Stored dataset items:
━━━━━━━━

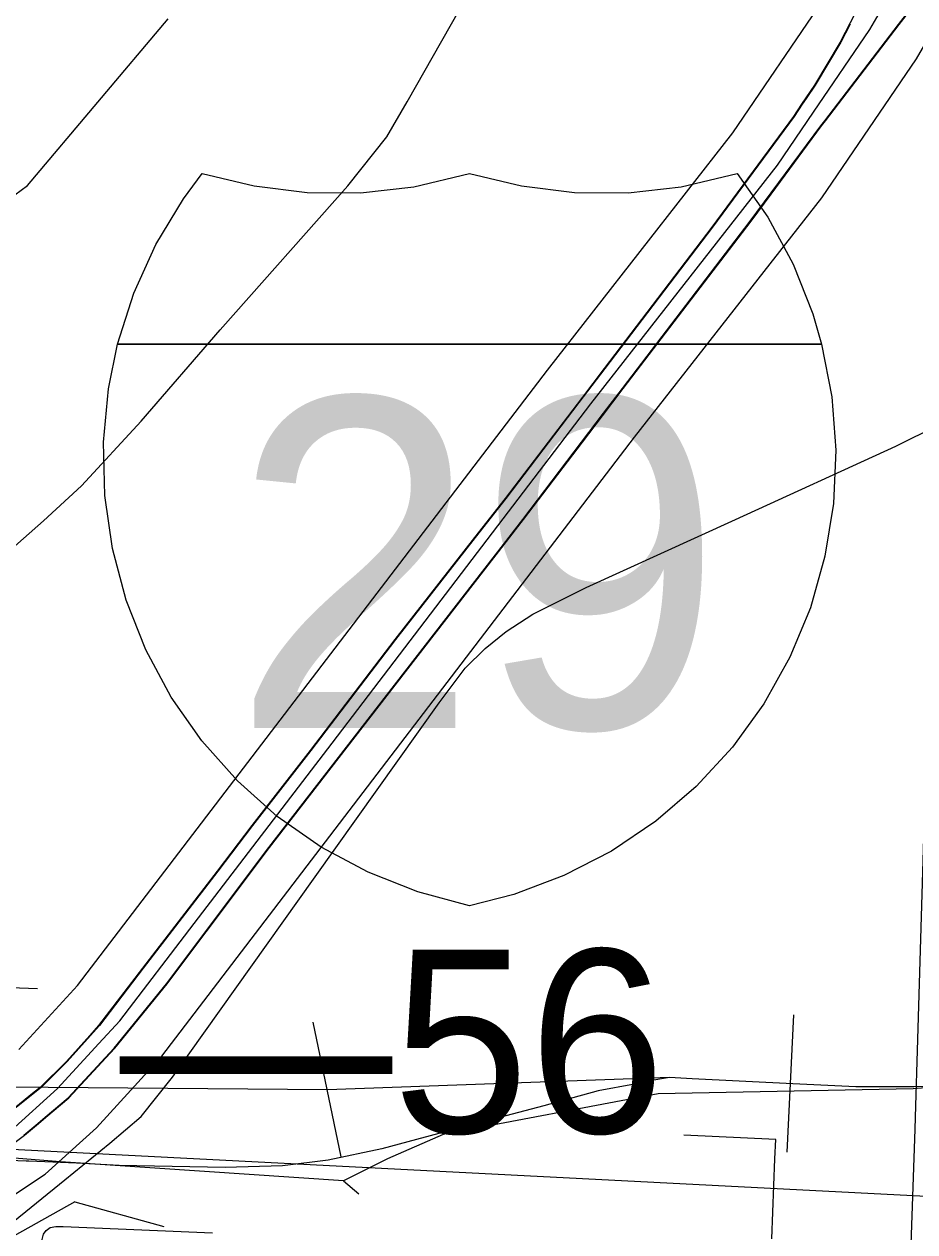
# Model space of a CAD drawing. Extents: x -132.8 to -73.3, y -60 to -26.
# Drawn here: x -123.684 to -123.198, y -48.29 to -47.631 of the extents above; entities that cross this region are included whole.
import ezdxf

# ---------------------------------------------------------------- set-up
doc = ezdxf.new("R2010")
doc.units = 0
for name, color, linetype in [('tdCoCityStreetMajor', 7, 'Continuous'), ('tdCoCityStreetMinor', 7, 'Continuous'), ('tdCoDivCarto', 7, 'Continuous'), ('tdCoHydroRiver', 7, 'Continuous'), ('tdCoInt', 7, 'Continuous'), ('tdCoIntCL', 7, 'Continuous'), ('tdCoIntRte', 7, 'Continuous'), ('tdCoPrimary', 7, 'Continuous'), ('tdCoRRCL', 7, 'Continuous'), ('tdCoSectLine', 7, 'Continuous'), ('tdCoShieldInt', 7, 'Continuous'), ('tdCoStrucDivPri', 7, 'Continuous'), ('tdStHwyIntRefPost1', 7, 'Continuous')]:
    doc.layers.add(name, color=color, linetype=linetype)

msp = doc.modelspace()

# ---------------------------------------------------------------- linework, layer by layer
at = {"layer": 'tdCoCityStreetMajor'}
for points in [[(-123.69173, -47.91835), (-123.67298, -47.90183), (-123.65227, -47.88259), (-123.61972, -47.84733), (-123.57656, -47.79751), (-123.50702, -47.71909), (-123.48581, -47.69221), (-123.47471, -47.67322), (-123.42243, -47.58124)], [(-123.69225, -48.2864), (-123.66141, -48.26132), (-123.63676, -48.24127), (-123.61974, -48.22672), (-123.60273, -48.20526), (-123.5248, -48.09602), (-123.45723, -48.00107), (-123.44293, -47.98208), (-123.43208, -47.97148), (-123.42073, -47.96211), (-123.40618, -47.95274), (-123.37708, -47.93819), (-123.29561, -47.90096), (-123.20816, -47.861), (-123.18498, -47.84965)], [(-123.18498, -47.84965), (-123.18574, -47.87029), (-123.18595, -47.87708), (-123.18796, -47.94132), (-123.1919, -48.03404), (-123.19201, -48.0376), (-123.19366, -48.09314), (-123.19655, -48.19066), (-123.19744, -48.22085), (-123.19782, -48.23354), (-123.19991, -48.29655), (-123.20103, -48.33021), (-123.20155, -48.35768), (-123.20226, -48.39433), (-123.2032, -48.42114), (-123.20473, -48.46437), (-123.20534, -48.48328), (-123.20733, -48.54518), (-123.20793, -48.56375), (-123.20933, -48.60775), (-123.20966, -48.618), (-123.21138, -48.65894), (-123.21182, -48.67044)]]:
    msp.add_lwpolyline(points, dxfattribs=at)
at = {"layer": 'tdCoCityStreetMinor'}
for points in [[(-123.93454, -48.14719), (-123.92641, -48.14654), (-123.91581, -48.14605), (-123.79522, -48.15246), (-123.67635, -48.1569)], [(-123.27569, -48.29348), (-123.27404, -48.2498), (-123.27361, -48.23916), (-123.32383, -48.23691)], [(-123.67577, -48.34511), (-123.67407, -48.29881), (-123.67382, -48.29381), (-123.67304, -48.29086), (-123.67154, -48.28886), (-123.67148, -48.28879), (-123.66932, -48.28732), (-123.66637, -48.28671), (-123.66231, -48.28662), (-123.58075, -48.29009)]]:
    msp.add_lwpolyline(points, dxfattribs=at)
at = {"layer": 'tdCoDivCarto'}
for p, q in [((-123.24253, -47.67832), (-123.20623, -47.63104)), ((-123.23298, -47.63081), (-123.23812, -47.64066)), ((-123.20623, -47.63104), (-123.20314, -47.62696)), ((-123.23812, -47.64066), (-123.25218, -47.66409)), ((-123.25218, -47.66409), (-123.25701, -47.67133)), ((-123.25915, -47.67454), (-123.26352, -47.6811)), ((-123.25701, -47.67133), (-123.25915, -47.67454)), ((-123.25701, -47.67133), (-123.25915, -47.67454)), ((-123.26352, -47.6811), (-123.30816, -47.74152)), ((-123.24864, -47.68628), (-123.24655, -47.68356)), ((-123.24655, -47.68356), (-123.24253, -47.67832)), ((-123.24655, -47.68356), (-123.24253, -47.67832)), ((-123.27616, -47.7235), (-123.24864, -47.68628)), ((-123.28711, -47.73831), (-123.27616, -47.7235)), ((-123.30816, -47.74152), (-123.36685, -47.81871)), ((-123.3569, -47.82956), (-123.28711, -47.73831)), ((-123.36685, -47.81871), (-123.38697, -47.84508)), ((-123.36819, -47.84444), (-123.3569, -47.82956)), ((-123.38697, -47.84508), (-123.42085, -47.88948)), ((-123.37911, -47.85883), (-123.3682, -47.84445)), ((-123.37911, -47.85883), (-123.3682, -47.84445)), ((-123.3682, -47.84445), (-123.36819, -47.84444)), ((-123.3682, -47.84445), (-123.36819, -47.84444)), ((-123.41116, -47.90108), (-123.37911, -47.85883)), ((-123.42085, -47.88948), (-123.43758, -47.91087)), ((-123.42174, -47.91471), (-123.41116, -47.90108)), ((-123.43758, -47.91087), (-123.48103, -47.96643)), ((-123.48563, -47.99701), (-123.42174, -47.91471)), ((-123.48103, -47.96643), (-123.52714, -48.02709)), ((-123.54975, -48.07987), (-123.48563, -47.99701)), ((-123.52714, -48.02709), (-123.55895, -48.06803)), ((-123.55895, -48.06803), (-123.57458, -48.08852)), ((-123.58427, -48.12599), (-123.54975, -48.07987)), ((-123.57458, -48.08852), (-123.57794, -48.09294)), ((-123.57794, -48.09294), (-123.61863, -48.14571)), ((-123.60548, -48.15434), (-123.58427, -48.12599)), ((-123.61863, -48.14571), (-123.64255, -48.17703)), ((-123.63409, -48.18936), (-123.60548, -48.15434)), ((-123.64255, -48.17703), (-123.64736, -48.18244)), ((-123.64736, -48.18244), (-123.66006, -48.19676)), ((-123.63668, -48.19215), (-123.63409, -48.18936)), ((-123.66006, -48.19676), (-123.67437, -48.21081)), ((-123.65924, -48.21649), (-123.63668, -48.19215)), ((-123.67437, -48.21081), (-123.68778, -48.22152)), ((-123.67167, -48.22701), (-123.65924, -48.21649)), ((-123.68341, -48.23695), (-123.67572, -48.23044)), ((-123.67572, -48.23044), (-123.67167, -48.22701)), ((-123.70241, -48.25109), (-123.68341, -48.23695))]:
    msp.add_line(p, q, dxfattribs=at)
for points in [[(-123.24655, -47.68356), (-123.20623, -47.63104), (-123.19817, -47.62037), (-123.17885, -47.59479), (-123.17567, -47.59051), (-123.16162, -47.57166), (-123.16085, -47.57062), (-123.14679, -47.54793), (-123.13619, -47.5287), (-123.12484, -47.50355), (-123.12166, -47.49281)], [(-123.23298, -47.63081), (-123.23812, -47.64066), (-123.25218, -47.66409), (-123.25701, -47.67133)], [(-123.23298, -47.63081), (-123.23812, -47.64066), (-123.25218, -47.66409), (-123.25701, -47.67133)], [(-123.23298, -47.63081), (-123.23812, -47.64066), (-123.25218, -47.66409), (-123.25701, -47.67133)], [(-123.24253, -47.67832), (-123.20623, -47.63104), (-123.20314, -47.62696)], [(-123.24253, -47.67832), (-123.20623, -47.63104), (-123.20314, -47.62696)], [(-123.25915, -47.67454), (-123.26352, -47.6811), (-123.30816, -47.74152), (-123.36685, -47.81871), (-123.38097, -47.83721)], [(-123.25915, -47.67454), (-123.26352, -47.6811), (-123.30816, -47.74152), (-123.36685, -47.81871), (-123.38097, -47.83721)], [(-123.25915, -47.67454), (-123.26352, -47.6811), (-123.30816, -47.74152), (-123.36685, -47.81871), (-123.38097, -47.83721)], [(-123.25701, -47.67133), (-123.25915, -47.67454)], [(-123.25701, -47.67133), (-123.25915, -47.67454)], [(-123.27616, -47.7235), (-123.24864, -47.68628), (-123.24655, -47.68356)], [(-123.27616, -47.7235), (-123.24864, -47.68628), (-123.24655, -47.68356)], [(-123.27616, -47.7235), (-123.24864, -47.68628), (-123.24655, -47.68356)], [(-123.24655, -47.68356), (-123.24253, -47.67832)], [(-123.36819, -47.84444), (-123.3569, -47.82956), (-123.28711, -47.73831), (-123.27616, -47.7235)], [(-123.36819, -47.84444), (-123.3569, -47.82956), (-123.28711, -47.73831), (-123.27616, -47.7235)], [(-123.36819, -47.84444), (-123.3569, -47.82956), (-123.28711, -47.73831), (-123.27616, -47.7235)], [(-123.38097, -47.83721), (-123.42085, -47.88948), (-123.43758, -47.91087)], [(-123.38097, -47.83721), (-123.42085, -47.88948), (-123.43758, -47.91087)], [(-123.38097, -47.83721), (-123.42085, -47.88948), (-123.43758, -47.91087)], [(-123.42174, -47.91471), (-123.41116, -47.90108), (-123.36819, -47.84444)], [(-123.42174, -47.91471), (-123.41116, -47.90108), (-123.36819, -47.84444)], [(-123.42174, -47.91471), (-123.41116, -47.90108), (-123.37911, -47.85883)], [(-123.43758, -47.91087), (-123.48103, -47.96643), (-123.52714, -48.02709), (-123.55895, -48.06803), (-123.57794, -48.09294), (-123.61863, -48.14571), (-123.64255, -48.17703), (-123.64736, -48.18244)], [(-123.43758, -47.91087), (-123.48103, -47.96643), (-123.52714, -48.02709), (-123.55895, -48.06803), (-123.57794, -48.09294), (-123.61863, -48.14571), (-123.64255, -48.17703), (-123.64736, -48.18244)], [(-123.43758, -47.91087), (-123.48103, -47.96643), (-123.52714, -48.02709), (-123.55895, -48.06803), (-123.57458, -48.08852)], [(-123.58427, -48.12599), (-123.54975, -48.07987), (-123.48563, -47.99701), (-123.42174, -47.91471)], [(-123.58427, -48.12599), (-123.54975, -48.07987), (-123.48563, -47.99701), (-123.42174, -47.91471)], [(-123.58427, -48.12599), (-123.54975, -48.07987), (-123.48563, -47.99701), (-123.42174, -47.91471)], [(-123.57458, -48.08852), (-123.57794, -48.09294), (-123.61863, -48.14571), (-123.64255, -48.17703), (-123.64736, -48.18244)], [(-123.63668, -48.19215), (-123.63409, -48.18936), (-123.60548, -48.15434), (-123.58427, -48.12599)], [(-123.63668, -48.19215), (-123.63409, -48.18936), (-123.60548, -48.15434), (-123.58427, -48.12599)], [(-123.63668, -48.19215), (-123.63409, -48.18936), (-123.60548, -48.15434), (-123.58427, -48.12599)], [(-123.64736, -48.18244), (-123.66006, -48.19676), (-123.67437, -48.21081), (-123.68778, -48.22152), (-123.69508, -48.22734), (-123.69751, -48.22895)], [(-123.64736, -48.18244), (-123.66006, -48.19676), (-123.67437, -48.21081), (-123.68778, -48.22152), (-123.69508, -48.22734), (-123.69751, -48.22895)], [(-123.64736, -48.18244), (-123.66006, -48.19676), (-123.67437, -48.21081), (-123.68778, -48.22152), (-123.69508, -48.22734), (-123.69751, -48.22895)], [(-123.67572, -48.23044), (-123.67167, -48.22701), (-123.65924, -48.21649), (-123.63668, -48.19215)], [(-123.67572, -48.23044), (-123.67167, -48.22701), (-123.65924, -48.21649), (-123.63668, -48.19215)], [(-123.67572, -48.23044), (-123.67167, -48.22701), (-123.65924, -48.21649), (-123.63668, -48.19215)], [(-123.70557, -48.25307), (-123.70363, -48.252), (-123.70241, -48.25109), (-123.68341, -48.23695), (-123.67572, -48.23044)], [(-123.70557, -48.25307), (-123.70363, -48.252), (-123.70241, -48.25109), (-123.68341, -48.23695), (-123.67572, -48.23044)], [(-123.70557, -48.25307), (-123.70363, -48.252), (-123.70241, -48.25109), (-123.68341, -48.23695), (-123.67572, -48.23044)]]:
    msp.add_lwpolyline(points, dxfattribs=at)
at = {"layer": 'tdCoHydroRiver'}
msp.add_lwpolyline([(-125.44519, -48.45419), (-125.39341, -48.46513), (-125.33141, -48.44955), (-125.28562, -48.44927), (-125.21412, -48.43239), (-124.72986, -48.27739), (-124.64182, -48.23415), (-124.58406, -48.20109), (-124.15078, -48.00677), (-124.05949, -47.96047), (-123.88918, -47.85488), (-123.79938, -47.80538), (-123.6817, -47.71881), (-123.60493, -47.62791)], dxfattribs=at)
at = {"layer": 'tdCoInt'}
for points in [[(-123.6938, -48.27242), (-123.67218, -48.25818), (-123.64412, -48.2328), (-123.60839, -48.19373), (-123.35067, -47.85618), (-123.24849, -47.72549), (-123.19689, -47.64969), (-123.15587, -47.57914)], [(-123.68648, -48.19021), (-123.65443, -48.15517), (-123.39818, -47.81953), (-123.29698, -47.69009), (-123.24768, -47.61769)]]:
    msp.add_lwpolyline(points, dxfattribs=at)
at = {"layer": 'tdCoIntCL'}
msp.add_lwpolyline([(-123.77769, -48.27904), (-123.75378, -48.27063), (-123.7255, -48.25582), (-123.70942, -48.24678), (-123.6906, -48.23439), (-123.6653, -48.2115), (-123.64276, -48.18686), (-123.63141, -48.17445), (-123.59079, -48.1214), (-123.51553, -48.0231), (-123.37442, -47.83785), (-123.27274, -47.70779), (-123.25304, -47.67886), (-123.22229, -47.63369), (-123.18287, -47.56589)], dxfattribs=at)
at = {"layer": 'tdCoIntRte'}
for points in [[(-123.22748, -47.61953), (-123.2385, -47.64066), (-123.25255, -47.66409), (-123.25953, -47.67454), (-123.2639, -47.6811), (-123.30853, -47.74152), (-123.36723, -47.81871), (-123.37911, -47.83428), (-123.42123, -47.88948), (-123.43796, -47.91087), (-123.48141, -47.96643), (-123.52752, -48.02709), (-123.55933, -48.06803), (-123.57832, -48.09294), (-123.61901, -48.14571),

━━━━━━━━

_HOW TO COMPLETE THIS TASK_
Your answer should consist only of the lines above between the line holding "import ezdxf" and the line holding "doc.layers.add(name, color=color, linetype=linetype)", inclusive, each transcribed exactly.

_EXERCISE ANSWER_
import ezdxf

# ---------------------------------------------------------------- set-up
doc = ezdxf.new("R2010")
doc.units = 0
for name, color, linetype in [('tdCoCityStreetMajor', 7, 'Continuous'), ('tdCoCityStreetMinor', 7, 'Continuous'), ('tdCoDivCarto', 7, 'Continuous'), ('tdCoHydroRiver', 7, 'Continuous'), ('tdCoInt', 7, 'Continuous'), ('tdCoIntCL', 7, 'Continuous'), ('tdCoIntRte', 7, 'Continuous'), ('tdCoPrimary', 7, 'Continuous'), ('tdCoRRCL', 7, 'Continuous'), ('tdCoSectLine', 7, 'Continuous'), ('tdCoShieldInt', 7, 'Continuous'), ('tdCoStrucDivPri', 7, 'Continuous'), ('tdStHwyIntRefPost1', 7, 'Continuous')]:
    doc.layers.add(name, color=color, linetype=linetype)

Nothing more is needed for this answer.